• Directions:
Among the lines of the records, find all that carry the word "IfcShapeRepresentation" and copy them.

• Dataset entries:
───
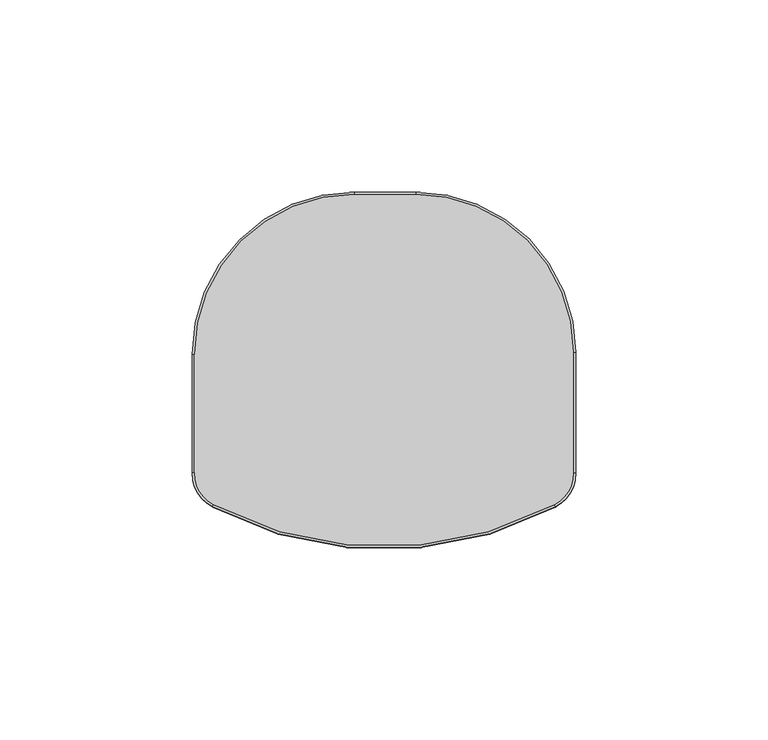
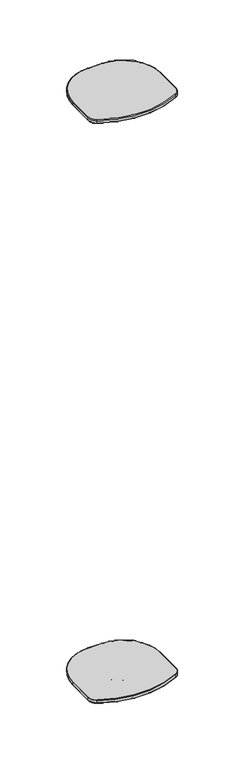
"""IFC4 building model written with IfcOpenShell, lengths in millimetres: proxy geometry, TS-C 30-700_T-EN54 : TS-C 30-700/T-EN54."""

import ifcopenshell
import ifcopenshell.guid

model = None  # the IFC model being written
_history = None  # IfcOwnerHistory: only IFC2X3 demands one
_inside = {}  # id of a spatial element -> (the spatial element, [elements in it])
_under = {}  # id of a project, library or spatial element -> (it, [spatial elements below it])
_declared = {}  # id of a project -> (the project, [libraries it declares])
_typed = {}  # id of a type object -> (the type object, [elements of that type])
_made_of = {}  # id of a material, layer set ... -> (it, [elements and type objects made of it])


def new_model(schema):
    """Start an empty IFC model of exactly this schema.

    Asked for "IFC4X3", IfcOpenShell would pick the latest addendum, in which some entities
    have other attributes; the version numbers below select the first issue.
    IFC2X3 requires an IfcOwnerHistory on every rooted entity: one is made here for all.
    """
    global model, _history
    if schema == "IFC4X3":
        model = ifcopenshell.file(schema_version=(4, 3, 0, 0))
    else:
        model = ifcopenshell.file(schema=schema)
    _inside.clear()
    _under.clear()
    _declared.clear()
    _typed.clear()
    _made_of.clear()
    _history = None
    if model.schema == "IFC2X3":
        org = make("IfcOrganization", Name="unknown")
        user = make(
            "IfcPersonAndOrganization",
            ThePerson=make("IfcPerson", FamilyName="unknown"),
            TheOrganization=org,
        )
        app = make(
            "IfcApplication",
            ApplicationDeveloper=org,
            Version="unknown",
            ApplicationFullName="unknown",
            ApplicationIdentifier="unknown",
        )
        _history = make(
            "IfcOwnerHistory",
            OwningUser=user,
            OwningApplication=app,
            ChangeAction="ADDED",
            CreationDate=0,
        )
    return model


def make(cls, **values):
    """One entity of the class cls with the attributes given. An attribute that is None is left unset."""
    return model.create_entity(
        cls, **{name: value for name, value in values.items() if value is not None}
    )


def rooted(cls, **values):
    """An entity with a GlobalId (a new one), such as an element, a storey or a relation."""
    return make(cls, GlobalId=ifcopenshell.guid.new(), OwnerHistory=_history, **values)


def si_unit(unit_type, name, prefix=None):
    """IfcSIUnit, for example si_unit("LENGTHUNIT", "METRE", prefix="MILLI")."""
    return make("IfcSIUnit", UnitType=unit_type, Prefix=prefix, Name=name)


def assignment(units):
    """IfcUnitAssignment: the units of a project."""
    return None if units is None else make("IfcUnitAssignment", Units=units)


def point(xyz):
    """IfcCartesianPoint."""
    return None if xyz is None else make("IfcCartesianPoint", Coordinates=xyz)


def direction(xyz):
    """IfcDirection."""
    return None if xyz is None else make("IfcDirection", DirectionRatios=xyz)


def frame(location, z_axis=None, x_axis=None):
    """IfcAxis2Placement3D, a coordinate frame: its origin and axes. An axis left out is left unset."""
    return make(
        "IfcAxis2Placement3D",
        Location=point(location),
        Axis=direction(z_axis),
        RefDirection=direction(x_axis),
    )


def origin():
    """The frame at (0, 0, 0) with its axes left unset."""
    return frame((0.0, 0.0, 0.0))


def place(relative_to, where):
    """IfcLocalPlacement: puts the frame where relative to a parent placement (None: the world)."""
    return make(
        "IfcLocalPlacement", PlacementRelTo=relative_to, RelativePlacement=where
    )


def context(
    kind, dimensions, precision=None, world=None, true_north=None, identifier=None
):
    """IfcGeometricRepresentationContext, for example the 3D "Model" context."""
    return make(
        "IfcGeometricRepresentationContext",
        ContextIdentifier=identifier,
        ContextType=kind,
        CoordinateSpaceDimension=dimensions,
        Precision=precision,
        WorldCoordinateSystem=world,
        TrueNorth=true_north,
    )


def project(units=None, contexts=None):
    """IfcProject with its units and contexts."""
    return rooted(
        "IfcProject",
        Name="project",
        RepresentationContexts=contexts,
        UnitsInContext=assignment(units),
    )


def spatial(cls, under=None, at=None, **own):
    """A site, building, storey or space (cls), placed at a placement, below another one or the project."""
    s = rooted(cls, ObjectPlacement=at, **own)
    if under is not None:
        _under.setdefault(under.id(), (under, []))[1].append(s)
    return s


def polyline(points):
    """IfcPolyline through the points."""
    return make("IfcPolyline", Points=[point(p) for p in points])


def circle_curve(where, radius):
    """IfcCircle in the frame where."""
    return make("IfcCircle", Position=where, Radius=radius)


def ellipse_curve(where, semi_axis1, semi_axis2):
    """IfcEllipse in the frame where."""
    return make(
        "IfcEllipse", Position=where, SemiAxis1=semi_axis1, SemiAxis2=semi_axis2
    )


def trimmed(basis, trim1, trim2, sense, master):
    """IfcTrimmedCurve: the piece of a basis curve between two trims."""
    return make(
        "IfcTrimmedCurve",
        BasisCurve=basis,
        Trim1=trim1,
        Trim2=trim2,
        SenseAgreement=sense,
        MasterRepresentation=master,
    )


def shape(context_of_items, identifier, shape_type, items):
    """IfcShapeRepresentation: the items that make up one representation, for example the "Body"."""
    return make(
        "IfcShapeRepresentation",
        ContextOfItems=context_of_items,
        RepresentationIdentifier=identifier,
        RepresentationType=shape_type,
        Items=items,
    )


def source(mapping_origin, context_of_items, identifier, shape_type, items):
    """IfcRepresentationMap: a shape defined once, which mapped items show again and again."""
    return make(
        "IfcRepresentationMap",
        MappingOrigin=mapping_origin,
        MappedRepresentation=shape(context_of_items, identifier, shape_type, items),
    )


def transform(
    local_origin,
    x_axis=None,
    y_axis=None,
    z_axis=None,
    scale=None,
    scale2=None,
    scale3=None,
    uniform=True,
):
    """IfcCartesianTransformationOperator3D, or its non-uniform kind. x_axis, y_axis, z_axis: its Axis1, 2, 3."""
    if uniform:
        return make(
            "IfcCartesianTransformationOperator3D",
            Axis1=direction(x_axis),
            Axis2=direction(y_axis),
            LocalOrigin=point(local_origin),
            Scale=scale,
            Axis3=direction(z_axis),
        )
    return make(
        "IfcCartesianTransformationOperator3DnonUniform",
        Axis1=direction(x_axis),
        Axis2=direction(y_axis),
        LocalOrigin=point(local_origin),
        Scale=scale,
        Axis3=direction(z_axis),
        Scale2=scale2,
        Scale3=scale3,
    )


def mapped(mapping_source, mapping_target):
    """IfcMappedItem: shows the shape of a source again, moved by a transform."""
    return make(
        "IfcMappedItem", MappingSource=mapping_source, MappingTarget=mapping_target
    )


def made_of(thing, what):
    """Note that an element or type object is made of a material, layer set ...; save() writes the relation."""
    if what is not None:
        _made_of.setdefault(what.id(), (what, []))[1].append(thing)
    return thing


def element(
    cls,
    number,
    at=None,
    inside=None,
    cuts=None,
    type_object=None,
    material=None,
    context=None,
    identifier="Body",
    shape_type=None,
    held_by="IfcProductDefinitionShape",
    body=None,
    shapes=None,
    **own,
):
    """One element of the class cls, such as IfcWall. Its Tag is "e" and its number.

    at: its placement. inside: the storey or other place that contains it. cuts: it is an
    opening in that element (IfcRelVoidsElement). A single representation is given by context,
    identifier, shape_type and body (its items); several are given by shapes. held_by: the class
    of the entity that holds the representations. save() writes the other relations.
    """
    e = rooted(cls, Tag="e%d" % number, ObjectPlacement=at, **own)
    if body is not None:
        shapes = [shape(context, identifier, shape_type, body)]
    if shapes is not None:
        e.Representation = make(held_by, Representations=shapes)
    if inside is not None:
        _inside.setdefault(inside.id(), (inside, []))[1].append(e)
    if cuts is not None:
        rooted(
            "IfcRelVoidsElement", RelatingBuildingElement=cuts, RelatedOpeningElement=e
        )
    if type_object is not None:
        _typed.setdefault(type_object.id(), (type_object, []))[1].append(e)
    return made_of(e, material)


def aggregate(whole, parts):
    """IfcRelAggregates: a whole, such as a stair, and the parts it consists of."""
    return rooted("IfcRelAggregates", RelatingObject=whole, RelatedObjects=parts)


def save(model, path):
    """Write the relations noted so far, then the file.

    IfcRelAggregates (storeys below a building ...), IfcRelContainedInSpatialStructure (elements
    in a storey), IfcRelDefinesByType, IfcRelAssociatesMaterial and IfcRelDeclares: one each for
    every whole, place, type object, material and project.
    """
    for whole, parts in _under.values():
        aggregate(whole, parts)
    for where, things in _inside.values():
        rooted(
            "IfcRelContainedInSpatialStructure",
            RelatedElements=things,
            RelatingStructure=where,
        )
    for kind, things in _typed.values():
        rooted("IfcRelDefinesByType", RelatedObjects=things, RelatingType=kind)
    for what, things in _made_of.values():
        rooted("IfcRelAssociatesMaterial", RelatedObjects=things, RelatingMaterial=what)
    for by, libraries in _declared.values():
        rooted("IfcRelDeclares", RelatingContext=by, RelatedDefinitions=libraries)
    model.write(path)


def plane_surface(at):
    """IfcPlane: the flat surface through the origin of the frame at, square to its z axis."""
    return make("IfcPlane", Position=at)


def cylinder_surface(at, radius):
    """IfcCylindricalSurface: all points at the distance radius from the z axis of the frame at."""
    return make("IfcCylindricalSurface", Position=at, Radius=radius)


def revolved_surface(curve, axis_point, axis_direction):
    """IfcSurfaceOfRevolution: the curve turned about the line through axis_point along axis_direction."""
    return make(
        "IfcSurfaceOfRevolution",
        SweptCurve=make("IfcArbitraryOpenProfileDef", ProfileType="CURVE", Curve=curve),
        AxisPosition=make("IfcAxis1Placement", Location=point(axis_point), Axis=direction(axis_direction)),
    )


def advanced_brep(points, edges, surfaces, faces):
    """IfcAdvancedBrep: a solid bounded by faces that lie on surfaces and meet in shared edges.

    An edge is (start, end): straight between two places in points (the first is 0);
    or (start, end, curve); or (start, end, curve, False) where it runs against its curve.
    A face is (place in surfaces, loops), or (place, loops, False) where it looks against
    its surface's normal. A loop lists edges by number (the first is 1), with a minus sign
    where the edge is run from its end to its start. The first loop is the outer one.
    """
    corners = [point(p) for p in points]
    vertices = [make("IfcVertexPoint", VertexGeometry=c) for c in corners]
    made = []
    for start, end, *more in edges:
        made.append(
            make(
                "IfcEdgeCurve",
                EdgeStart=vertices[start],
                EdgeEnd=vertices[end],
                EdgeGeometry=more[0] if more else make("IfcPolyline", Points=[corners[start], corners[end]]),
                SameSense=more[1] if len(more) > 1 else True,
            )
        )
    hull = []
    for where, loops, *sense in faces:
        bounds = []
        for j, loop in enumerate(loops):
            ring = [make("IfcOrientedEdge", EdgeElement=made[abs(k) - 1], Orientation=k > 0) for k in loop]
            bounds.append(
                make(
                    "IfcFaceOuterBound" if j == 0 else "IfcFaceBound",
                    Bound=make("IfcEdgeLoop", EdgeList=ring),
                    Orientation=True,
                )
            )
        hull.append(make("IfcAdvancedFace", Bounds=bounds, FaceSurface=surfaces[where], SameSense=sense[0] if sense else True))
    return make("IfcAdvancedBrep", Outer=make("IfcClosedShell", CfsFaces=hull))


def communication_devices_d7f1a59e(model_context):
    return source(origin(), model_context, "Body", "AdvancedBrep", [
        advanced_brep(
        [(-7.7626041, 1.5, 8.4861854), (-49.99971, -40.7371059, 8.4861854), (-49.99971, -40.7371059, 11.4421964), (-7.7626041, 1.5, 11.4421964), (8.2345894, 1.5, 11.4421964), (8.2345894, 1.5, 8.4861854), (49.99971, -40.2651206, 11.4421964), (49.99971, -40.2651206, 8.4861854), (49.99971, -71.6195776, 11.4421964), (49.99971, -71.6195776, 8.4861854), (44.6610542, -80.4667167, 11.4421964), (44.6610542, -80.4667167, 8.4861854), (-44.6609866, -80.4670578, 11.4421964), (-44.6609866, -80.4670578, 8.4861854), (-49.99971, -71.6198831, 11.4421964), (-49.99971, -71.6198831, 8.4861854), (-49.4919104, -40.7371059, 11.949996), (-49.4919104, -71.6198831, 11.949996), (-44.4242872, -80.0177986, 11.949996), (44.4243513, -80.0174593, 11.949996), (49.4919104, -71.6195776, 11.949996), (49.4919104, -40.2651206, 11.949996), (8.2345894, 0.9922004, 11.949996), (-7.7626041, 0.9922004, 11.949996), (44.4111178, -79.9923424, 7.949996), (-44.4110539, -79.9926816, 7.949996), (-49.4635206, -71.6198831, 7.949996), (-49.4635206, -40.7371059, 7.949996), (-7.7626041, 0.9638106, 7.949996), (8.2345894, 0.9638106, 7.949996), (49.4635206, -40.2651206, 7.949996), (49.4635206, -71.6195776, 7.949996)],
        [
            (0, 1, circle_curve(frame((-7.7626041, -40.7371059, 8.4861854), z_axis=(0.0, 0.0, 1.0), x_axis=(-1.0, 0.0, 0.0)), 42.2371059)),
            (1, 2),
            (2, 3, circle_curve(frame((-7.7626041, -40.7371059, 11.4421964), z_axis=(0.0, 0.0, -1.0), x_axis=(-1.0, 0.0, 0.0)), 42.2371059)),
            (3, 0),
            (3, 4),
            (4, 5),
            (5, 0),
            (4, 6, circle_curve(frame((8.2345894, -40.2651206, 11.4421964), z_axis=(0.0, 0.0, -1.0), x_axis=(0.0, 1.0, 0.0)), 41.7651206)),
            (6, 7),
            (7, 5, circle_curve(frame((8.2345894, -40.2651206, 8.4861854), z_axis=(0.0, 0.0, 1.0), x_axis=(0.0, 1.0, 0.0)), 41.7651206)),
            (6, 8),
            (8, 9),
            (9, 7),
            (8, 10, circle_curve(frame((39.99971, -71.6195776, 11.4421964), z_axis=(0.0, 0.0, -1.0), x_axis=(1.0, 0.0, 0.0)), 10.0)),
            (10, 11),
            (11, 9, circle_curve(frame((39.99971, -71.6195776, 8.4861854), z_axis=(0.0, 0.0, 1.0), x_axis=(1.0, 0.0, 0.0)), 10.0)),
            (10, 12, circle_curve(frame((-0.0002899, 4.2996317, 11.4421964), z_axis=(0.0, 0.0, -1.0), x_axis=(0.46613441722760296, -0.8847139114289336, 0.0)), 95.8121573)),
            (12, 13),
            (13, 11, circle_curve(frame((-0.0002899, 4.2996317, 8.4861854), z_axis=(0.0, 0.0, 1.0), x_axis=(0.46613441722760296, -0.8847139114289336, 0.0)), 95.8121573)),
            (12, 14, circle_curve(frame((-39.99971, -71.6198831, 11.4421964), z_axis=(0.0, 0.0, -1.0), x_axis=(-0.4661276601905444, -0.8847174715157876, 0.0)), 10.0)),
            (14, 15),
            (15, 13, circle_curve(frame((-39.99971, -71.6198831, 8.4861854), z_axis=(0.0, 0.0, 1.0), x_axis=(-0.4661276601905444, -0.8847174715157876, 0.0)), 10.0)),
            (16, 17),
            (17, 18, circle_curve(frame((-39.99971, -71.6198831, 11.949996), z_axis=(0.0, 0.0, 1.0), x_axis=(-0.4661276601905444, -0.8847174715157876, 0.0)), 9.4922004)),
            (18, 19, circle_curve(frame((-0.0002899, 4.2996317, 11.949996), z_axis=(0.0, 0.0, 1.0), x_axis=(0.46613441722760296, -0.8847139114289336, 0.0)), 95.3043576)),
            (19, 20, circle_curve(frame((39.99971, -71.6195776, 11.949996), z_axis=(0.0, 0.0, 1.0), x_axis=(1.0, 0.0, 0.0)), 9.4922004)),
            (20, 21),
            (21, 22, circle_curve(frame((8.2345894, -40.2651206, 11.949996), z_axis=(0.0, 0.0, 1.0), x_axis=(0.0, 1.0, 0.0)), 41.257321)),
            (22, 23),
            (23, 16, circle_curve(frame((-7.7626041, -40.7371059, 11.949996), z_axis=(0.0, 0.0, 1.0), x_axis=(-1.0, 0.0, 0.0)), 41.7293063)),
            (1, 15),
            (14, 2),
            (24, 25, circle_curve(frame((-0.0002899, 4.2996317, 7.949996), z_axis=(0.0, 0.0, -1.0), x_axis=(0.46613441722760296, -0.8847139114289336, 0.0)), 95.2759678)),
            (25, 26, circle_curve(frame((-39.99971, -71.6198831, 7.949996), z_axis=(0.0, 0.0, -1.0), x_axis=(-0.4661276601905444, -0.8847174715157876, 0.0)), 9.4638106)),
───
• Response to this task:
    """IfcShapeRepresentation: the items that make up one representation, for example the "Body"."""
        "IfcShapeRepresentation",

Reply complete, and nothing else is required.